FIGURE 1. Distribution of morphological groups of males (A) and females (B) of Drymoluber dichrous used to verify the relationship between geographical and morphological distances using the Mantel test. Each point has 60 Km of radius. Males: 1) Iquitos + Nauta + Rio Ucayali (Loreto, Peru); 2) Porto Velho + Alto Paraíso (Rondônia, Brazil); 3) UHE Balbina (Presidente Figueiredo, Amazonas, Brazil); 4) Carajás (Pará, Brazil); 5) Belém + Benevides + Castanhal + São Domingos do Capim (Pará, Brazil); 6) BR 316 (Maranhão, Brazil); 7) Aracruz + Linhares + Vitória (Espírito Santo, Brazil); 8) Arataca + Barro Preto + Buerarema + Camacan + Ilhéus + Una (Bahia, Brazil); 9) Barra do Rocha + Cairu + Itacaré + Ituberá + Nova Ibiá (Bahia, Brazil); 10) Maranguape + Pacoti + Pacatuba (Ceará, Brazil).

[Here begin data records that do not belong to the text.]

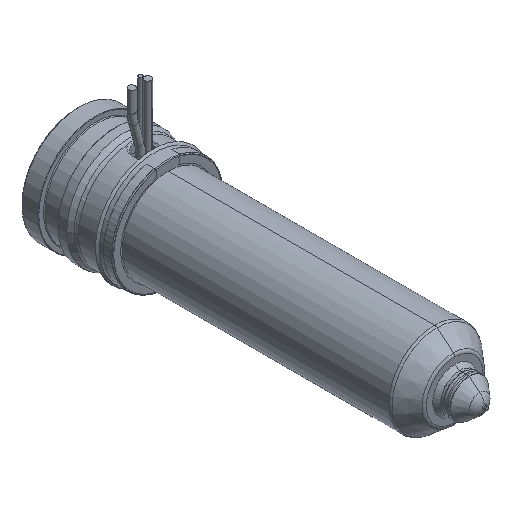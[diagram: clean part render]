
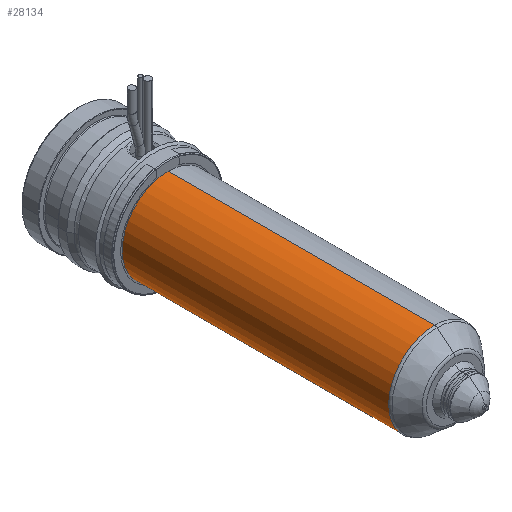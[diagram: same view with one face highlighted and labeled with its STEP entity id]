
A CAD part, isometric view. The second image highlights one B-rep face of the part: STEP entity #28134.
In plain terms, the highlighted cylindrical face has radius 12 mm (diameter 24 mm), a partial arc.
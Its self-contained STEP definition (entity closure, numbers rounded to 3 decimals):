
#27521=CARTESIAN_POINT('',(0.,-93.736,0.));
#27522=DIRECTION('',(0.,-1.,0.));
#27523=DIRECTION('',(0.,0.,1.));
#27524=AXIS2_PLACEMENT_3D('',#27521,#27522,#27523);
#27529=CARTESIAN_POINT('',(0.,-24.,0.));
#27530=DIRECTION('',(0.,1.,0.));
#27531=DIRECTION('',(0.,0.,-1.));
#27532=AXIS2_PLACEMENT_3D('',#27529,#27530,#27531);
#27537=DIRECTION('',(0.,1.,0.));
#27538=VECTOR('',#27537,69.736);
#27539=CARTESIAN_POINT('',(0.,-93.736,12.));
#27540=LINE('',#27539,#27538);
#27552=DIRECTION('',(0.,1.,0.));
#27553=VECTOR('',#27552,69.736);
#27554=CARTESIAN_POINT('',(0.,-93.736,-12.));
#27555=LINE('',#27554,#27553);
#27739=CARTESIAN_POINT('',(0.,-93.736,12.));
#27740=CARTESIAN_POINT('',(0.,-24.,12.));
#27741=VERTEX_POINT('',#27739);
#27742=VERTEX_POINT('',#27740);
#27743=CARTESIAN_POINT('',(0.,-93.736,-12.));
#27744=CARTESIAN_POINT('',(0.,-24.,-12.));
#27745=VERTEX_POINT('',#27743);
#27746=VERTEX_POINT('',#27744);
#28120=CARTESIAN_POINT('',(0.,-15.625,0.));
#28121=DIRECTION('',(0.,-1.,0.));
#28122=DIRECTION('',(0.,0.,1.));
#28123=AXIS2_PLACEMENT_3D('',#28120,#28121,#28122);
#28124=CYLINDRICAL_SURFACE('',#28123,12.);
#28126=ORIENTED_EDGE('',*,*,#28125,.F.);
#28127=ORIENTED_EDGE('',*,*,#28115,.T.);
#28129=ORIENTED_EDGE('',*,*,#28128,.T.);
#28131=ORIENTED_EDGE('',*,*,#28130,.T.);
#28132=EDGE_LOOP('',(#28126,#28127,#28129,#28131));
#28133=FACE_OUTER_BOUND('',#28132,.F.);
#28134=ADVANCED_FACE('',(#28133),#28124,.T.);
#27525=CIRCLE('',#27524,12.);
#27533=CIRCLE('',#27532,12.);
#28115=EDGE_CURVE('',#27741,#27745,#27525,.T.);
#28125=EDGE_CURVE('',#27741,#27742,#27540,.T.);
#28128=EDGE_CURVE('',#27745,#27746,#27555,.T.);
#28130=EDGE_CURVE('',#27746,#27742,#27533,.T.);
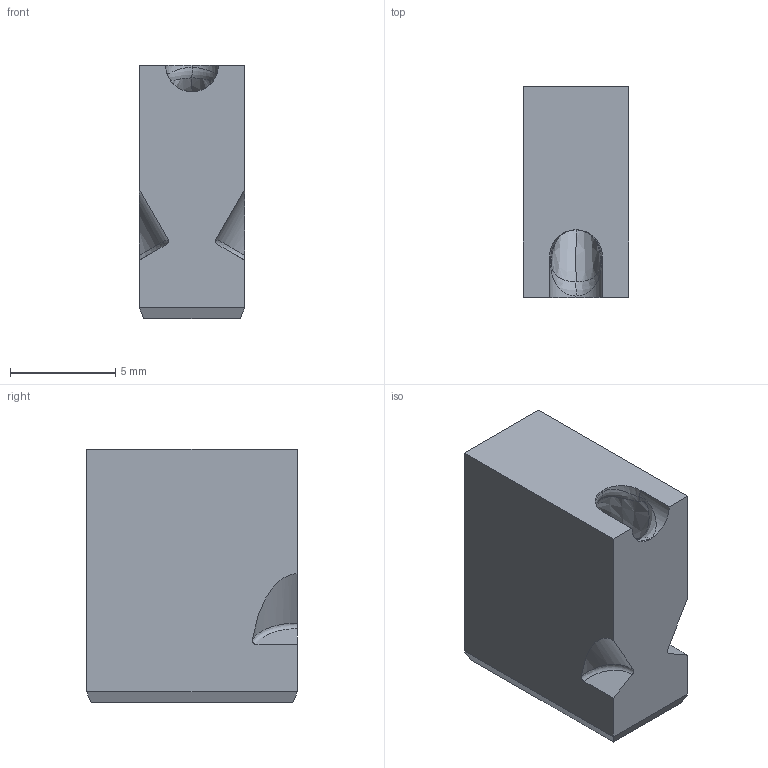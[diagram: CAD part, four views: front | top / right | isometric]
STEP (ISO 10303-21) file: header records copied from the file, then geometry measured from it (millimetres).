
FILE_DESCRIPTION((''),'2;1');
FILE_NAME('TGC-XS','2007-11-26T',('tmeister'),(''),'PRO/ENGINEER BY PARAMETRIC TECHNOLOGY CORPORATION, 2002390','PRO/ENGINEER BY PARAMETRIC TECHNOLOGY CORPORATION, 2002390','');
FILE_SCHEMA(('CONFIG_CONTROL_DESIGN'));
Length unit declared in the file: millimetre
Products named in the file (1): TGC-XS
Bounding box: 5 x 10 x 12 mm (x, y, z)
Volume: 509.6 mm3; surface area: 637.3 mm2
Topology: 1 solids, 3 shells, 50 faces, 144 edges, 100 vertices
Faces by surface type: plane 13, bspline 12, cylinder 9, sphere 6, cone 4, torus 4, revolution 2
Entity records: 2882 total; most frequent: CARTESIAN_POINT 1672, ORIENTED_EDGE 226, DIRECTION 220, EDGE_CURVE 116, AXIS2_PLACEMENT_3D 79, VERTEX_POINT 71, VECTOR 60, LINE 60
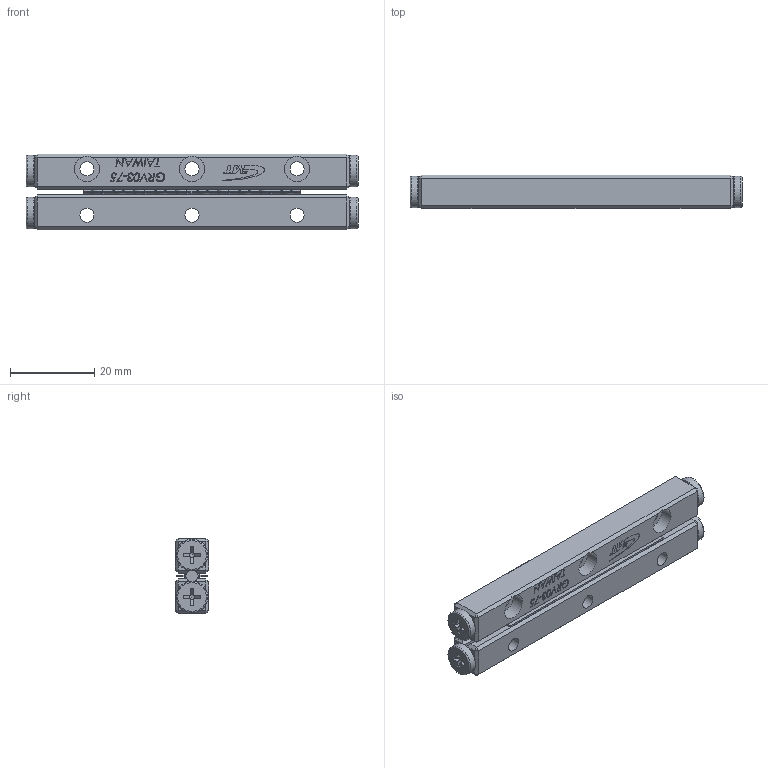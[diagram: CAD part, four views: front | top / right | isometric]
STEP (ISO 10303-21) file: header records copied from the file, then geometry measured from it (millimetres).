
FILE_DESCRIPTION (( 'STEP AP203' ), '1' );
FILE_NAME ('GRV03-75.STEP', '2023-10-11T02:58:05', ( '' ), ( '' ), 'SwSTEP 2.0', 'SolidWorks 2019', '' );
FILE_SCHEMA (( 'CONFIG_CONTROL_DESIGN' ));
Length unit declared in the file: millimetre
Products named in the file (3): GRVP03-75-模糊化保持器組; GRV03-75; GRV03-75-模糊化軌道
Assembly tree (3 placements, depth 2):
  GRV03-75
    GRV03-75-模糊化軌道  x2
    GRVP03-75-模糊化保持器組
Bounding box: 79 x 8 x 18 mm (x, y, z)
Volume: 9373.4 mm3; surface area: 7248.5 mm2
Topology: 3 solids, 3 shells, 846 faces, 2116 edges, 1360 vertices
Faces by surface type: plane 596, bspline 110, cylinder 76, cone 36, torus 28
Full cylindrical faces by diameter (mm): 3.35 x6, 6 x6, 7.5 x4
Entity records: 18207 total; most frequent: CARTESIAN_POINT 6271, ORIENTED_EDGE 2520, DIRECTION 2105, EDGE_CURVE 1260, VECTOR 859, LINE 859, VERTEX_POINT 821, AXIS2_PLACEMENT_3D 623

Females: 1) Cabeceras del Rio Arajuno + Cabeceras del Rio Bobonaza + Macas + Riobamba + Río Liguino (Ecuador); 2) Iquitos (Loreto, Peru); 3) Porto Walter + Reserva Extrativista Riozinho da Liberdade (Tarauacá, Acre, Brazil). 4) Porto Velho (Rondônia, Brazil); 5) FLONA Caxiuanã (Melgaço, Pará, Brazil); 6) Carajás (Pará, Brazil); 7) Buerarema + Ilhéus + Itabuna + Una (Bahia, Brazil); 8) Camacan + Ibirataia + Ituberá + Nova Ibiá (Bahia, Brazil). Tropical and subtropical moist forests; Tropical and subtropical savannas; Deserts and xeric formations; Mangroves; Floodplains; Tropical and subtropical dry forests; Mediterranean forest of woods and shrubs; Mountain grasslands. Habitat types follow Olson et al. (2001).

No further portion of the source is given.